── Supplied data ──

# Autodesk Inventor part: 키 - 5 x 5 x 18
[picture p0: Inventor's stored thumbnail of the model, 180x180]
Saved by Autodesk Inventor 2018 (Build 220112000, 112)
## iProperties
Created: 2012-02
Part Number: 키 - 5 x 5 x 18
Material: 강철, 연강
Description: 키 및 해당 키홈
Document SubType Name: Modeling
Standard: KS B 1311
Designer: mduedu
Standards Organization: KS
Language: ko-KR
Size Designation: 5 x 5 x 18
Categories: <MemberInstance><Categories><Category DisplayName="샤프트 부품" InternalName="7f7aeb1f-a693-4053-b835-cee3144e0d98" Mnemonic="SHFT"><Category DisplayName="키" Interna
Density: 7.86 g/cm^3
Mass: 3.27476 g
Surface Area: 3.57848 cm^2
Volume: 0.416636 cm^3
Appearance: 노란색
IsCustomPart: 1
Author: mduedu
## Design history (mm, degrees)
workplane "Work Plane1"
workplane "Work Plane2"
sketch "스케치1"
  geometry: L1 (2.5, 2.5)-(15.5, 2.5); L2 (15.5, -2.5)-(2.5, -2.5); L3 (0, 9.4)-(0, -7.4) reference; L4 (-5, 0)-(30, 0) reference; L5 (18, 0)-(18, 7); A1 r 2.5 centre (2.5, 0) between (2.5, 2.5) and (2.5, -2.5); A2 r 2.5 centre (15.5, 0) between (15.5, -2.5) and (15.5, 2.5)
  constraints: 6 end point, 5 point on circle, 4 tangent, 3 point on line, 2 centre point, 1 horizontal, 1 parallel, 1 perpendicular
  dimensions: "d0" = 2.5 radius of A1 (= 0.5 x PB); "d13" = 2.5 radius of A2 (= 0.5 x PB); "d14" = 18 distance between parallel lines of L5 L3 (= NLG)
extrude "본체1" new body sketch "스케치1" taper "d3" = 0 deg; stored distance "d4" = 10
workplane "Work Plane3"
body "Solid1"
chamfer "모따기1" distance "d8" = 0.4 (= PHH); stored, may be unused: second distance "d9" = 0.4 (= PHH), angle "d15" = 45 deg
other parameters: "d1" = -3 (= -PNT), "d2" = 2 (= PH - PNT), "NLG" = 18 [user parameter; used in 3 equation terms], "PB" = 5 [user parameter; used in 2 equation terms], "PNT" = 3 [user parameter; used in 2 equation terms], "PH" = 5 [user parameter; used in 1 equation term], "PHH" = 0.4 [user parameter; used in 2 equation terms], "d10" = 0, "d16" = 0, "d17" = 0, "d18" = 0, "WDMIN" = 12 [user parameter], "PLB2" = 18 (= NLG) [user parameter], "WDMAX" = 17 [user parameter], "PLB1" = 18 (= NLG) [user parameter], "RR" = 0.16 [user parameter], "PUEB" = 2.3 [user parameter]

───

Activity:
Reproduce the data shown above exactly, including every line.

Response to the exercise:
# Autodesk Inventor part: 키 - 5 x 5 x 18
[picture p0: Inventor's stored thumbnail of the model, 180x180]
Saved by Autodesk Inventor 2018 (Build 220112000, 112)
## iProperties
Created: 2012-02
Part Number: 키 - 5 x 5 x 18
Material: 강철, 연강
Description: 키 및 해당 키홈
Document SubType Name: Modeling
Standard: KS B 1311
Designer: mduedu
Standards Organization: KS
Language: ko-KR
Size Designation: 5 x 5 x 18
Categories: <MemberInstance><Categories><Category DisplayName="샤프트 부품" InternalName="7f7aeb1f-a693-4053-b835-cee3144e0d98" Mnemonic="SHFT"><Category DisplayName="키" Interna
Density: 7.86 g/cm^3
Mass: 3.27476 g
Surface Area: 3.57848 cm^2
Volume: 0.416636 cm^3
Appearance: 노란색
IsCustomPart: 1
Author: mduedu
## Design history (mm, degrees)
workplane "Work Plane1"
workplane "Work Plane2"
sketch "스케치1"
  geometry: L1 (2.5, 2.5)-(15.5, 2.5); L2 (15.5, -2.5)-(2.5, -2.5); L3 (0, 9.4)-(0, -7.4) reference; L4 (-5, 0)-(30, 0) reference; L5 (18, 0)-(18, 7); A1 r 2.5 centre (2.5, 0) between (2.5, 2.5) and (2.5, -2.5); A2 r 2.5 centre (15.5, 0) between (15.5, -2.5) and (15.5, 2.5)
  constraints: 6 end point, 5 point on circle, 4 tangent, 3 point on line, 2 centre point, 1 horizontal, 1 parallel, 1 perpendicular
  dimensions: "d0" = 2.5 radius of A1 (= 0.5 x PB); "d13" = 2.5 radius of A2 (= 0.5 x PB); "d14" = 18 distance between parallel lines of L5 L3 (= NLG)
extrude "본체1" new body sketch "스케치1" taper "d3" = 0 deg; stored distance "d4" = 10
workplane "Work Plane3"
body "Solid1"
chamfer "모따기1" distance "d8" = 0.4 (= PHH); stored, may be unused: second distance "d9" = 0.4 (= PHH), angle "d15" = 45 deg
other parameters: "d1" = -3 (= -PNT), "d2" = 2 (= PH - PNT), "NLG" = 18 [user parameter; used in 3 equation terms], "PB" = 5 [user parameter; used in 2 equation terms], "PNT" = 3 [user parameter; used in 2 equation terms], "PH" = 5 [user parameter; used in 1 equation term], "PHH" = 0.4 [user parameter; used in 2 equation terms], "d10" = 0, "d16" = 0, "d17" = 0, "d18" = 0, "WDMIN" = 12 [user parameter], "PLB2" = 18 (= NLG) [user parameter], "WDMAX" = 17 [user parameter], "PLB1" = 18 (= NLG) [user parameter], "RR" = 0.16 [user parameter], "PUEB" = 2.3 [user parameter]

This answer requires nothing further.